Bryan is the face of and brains behind Foot Cardigan. He’s an eternal optimist, freakishly good at retaining statistics, and thinks web analytics are fun. Bryan was born in Oklahoma, schooled in Nashville, and lifed in Texas, but he’s actually a Europhile at heart. Which means he’s either obsessing over his garden (no. really.) or planning his next trip overseas in his spare time.
Tom has a PhD in public administration from the University of Texas and is a former employee of the U.S. government. As the only post-grad in the group, he’s often asked to speak slower and use smaller words. Tom wears many a hat around Foot Cardigan — from managing finances to making sure his kids provide plenty of drawings to use as wrapping paper.
Arguably one of the most talented members of the team, Matt is responsible for designing socks and developing the site. With a formal education in art and a career in building things for the web, he enjoys making the rest of us look bad by redesigning FootCardigan.com in a single evening. All while crushing people half his age at online gaming.
Samuel was born one year before Taylor Swift in Burundi. He makes sure each pair of socks has a well-rounded breakfast and a hug before they’re shipped to their new home. Samuel might be Foot Cardigan’s smartest team member since he knows three different languages and the rest of us are lucky if we can speak English good.
Laura likes to celebrate the little things in life, like remembering to put eyeliner on both eyes in the morning. She writes words at Foot Cardigan, which means she hems and haws over silly things like “grammar” and “spelling.” Laura thinks it’s awkward that she has to write a short bio about herself. But here she is. Writing a short bio about herself.
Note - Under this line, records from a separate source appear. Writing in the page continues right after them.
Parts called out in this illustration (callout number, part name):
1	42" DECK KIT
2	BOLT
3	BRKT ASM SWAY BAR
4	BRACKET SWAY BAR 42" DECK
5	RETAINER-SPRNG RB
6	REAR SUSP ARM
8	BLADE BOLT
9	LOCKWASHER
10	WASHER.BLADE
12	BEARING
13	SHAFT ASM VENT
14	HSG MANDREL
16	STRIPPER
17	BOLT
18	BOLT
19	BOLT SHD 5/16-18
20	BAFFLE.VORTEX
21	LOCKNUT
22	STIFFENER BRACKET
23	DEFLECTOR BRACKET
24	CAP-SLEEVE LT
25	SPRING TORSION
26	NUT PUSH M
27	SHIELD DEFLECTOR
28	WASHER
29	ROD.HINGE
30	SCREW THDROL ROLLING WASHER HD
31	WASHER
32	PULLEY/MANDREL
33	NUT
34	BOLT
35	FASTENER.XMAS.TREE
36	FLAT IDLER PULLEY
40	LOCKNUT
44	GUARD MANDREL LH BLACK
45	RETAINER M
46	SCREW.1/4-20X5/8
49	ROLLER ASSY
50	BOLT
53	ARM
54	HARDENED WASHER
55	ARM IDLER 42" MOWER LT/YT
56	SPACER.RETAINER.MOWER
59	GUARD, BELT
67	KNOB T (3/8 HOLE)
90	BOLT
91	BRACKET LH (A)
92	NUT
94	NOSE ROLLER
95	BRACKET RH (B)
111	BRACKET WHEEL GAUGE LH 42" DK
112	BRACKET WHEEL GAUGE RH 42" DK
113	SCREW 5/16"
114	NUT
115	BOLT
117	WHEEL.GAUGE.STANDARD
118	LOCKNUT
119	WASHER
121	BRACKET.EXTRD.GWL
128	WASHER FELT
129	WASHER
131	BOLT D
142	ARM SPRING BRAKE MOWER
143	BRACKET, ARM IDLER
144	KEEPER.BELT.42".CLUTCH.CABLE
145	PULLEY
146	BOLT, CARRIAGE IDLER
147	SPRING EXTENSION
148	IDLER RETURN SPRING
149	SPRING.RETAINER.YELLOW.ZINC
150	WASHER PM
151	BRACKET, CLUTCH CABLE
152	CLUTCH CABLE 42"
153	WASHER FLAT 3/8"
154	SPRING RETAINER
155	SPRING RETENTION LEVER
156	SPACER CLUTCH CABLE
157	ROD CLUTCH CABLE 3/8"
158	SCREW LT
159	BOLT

Every day around 9:15 a.m., Ashaun shows us something she did that makes us all feel like we should go home and reassess our lives. She’s just. That. Good. It helps that she’s one of those people who can simultaneously be creative and controlled. Pshhh. Ashaun, why don’t you go redesign the entire FC office or something in 20 minutes? HAHA! Oh, wait. You already did that.
If there’s one place that needs some semblance of order, it’s Foot Cardigan. And if there’s one person that Foot Cardigan can’t live without, it’s Gretchen. She’s the FC operation’s righthand woman — making sure orders go out correctly, overseeing customer service, and doing whatever she has to do to keep us up and running.
Hope is affectionately referred to around the office as “the dreamcrusher” — mostly because she’s got a shrewd eye for what’ll work and what won’t. She’s not afraid to tell you (read: Bryan) if your idea is dumb, but she’ll do it all with a smile because she’s the nicest. Fun facts: Hope’s a vegetarian, can stand on her head for infinity, and hates Harry Potter. House Slytherin!
By day, Keaton accounts for every sock in the warehouse. By night, he spits hot fire and freestyles the freshest lyrics this side of the Red River. When he’s doing neither of those things, Keaton studies criminal justice in order to punish those with white socks and weak rhymes.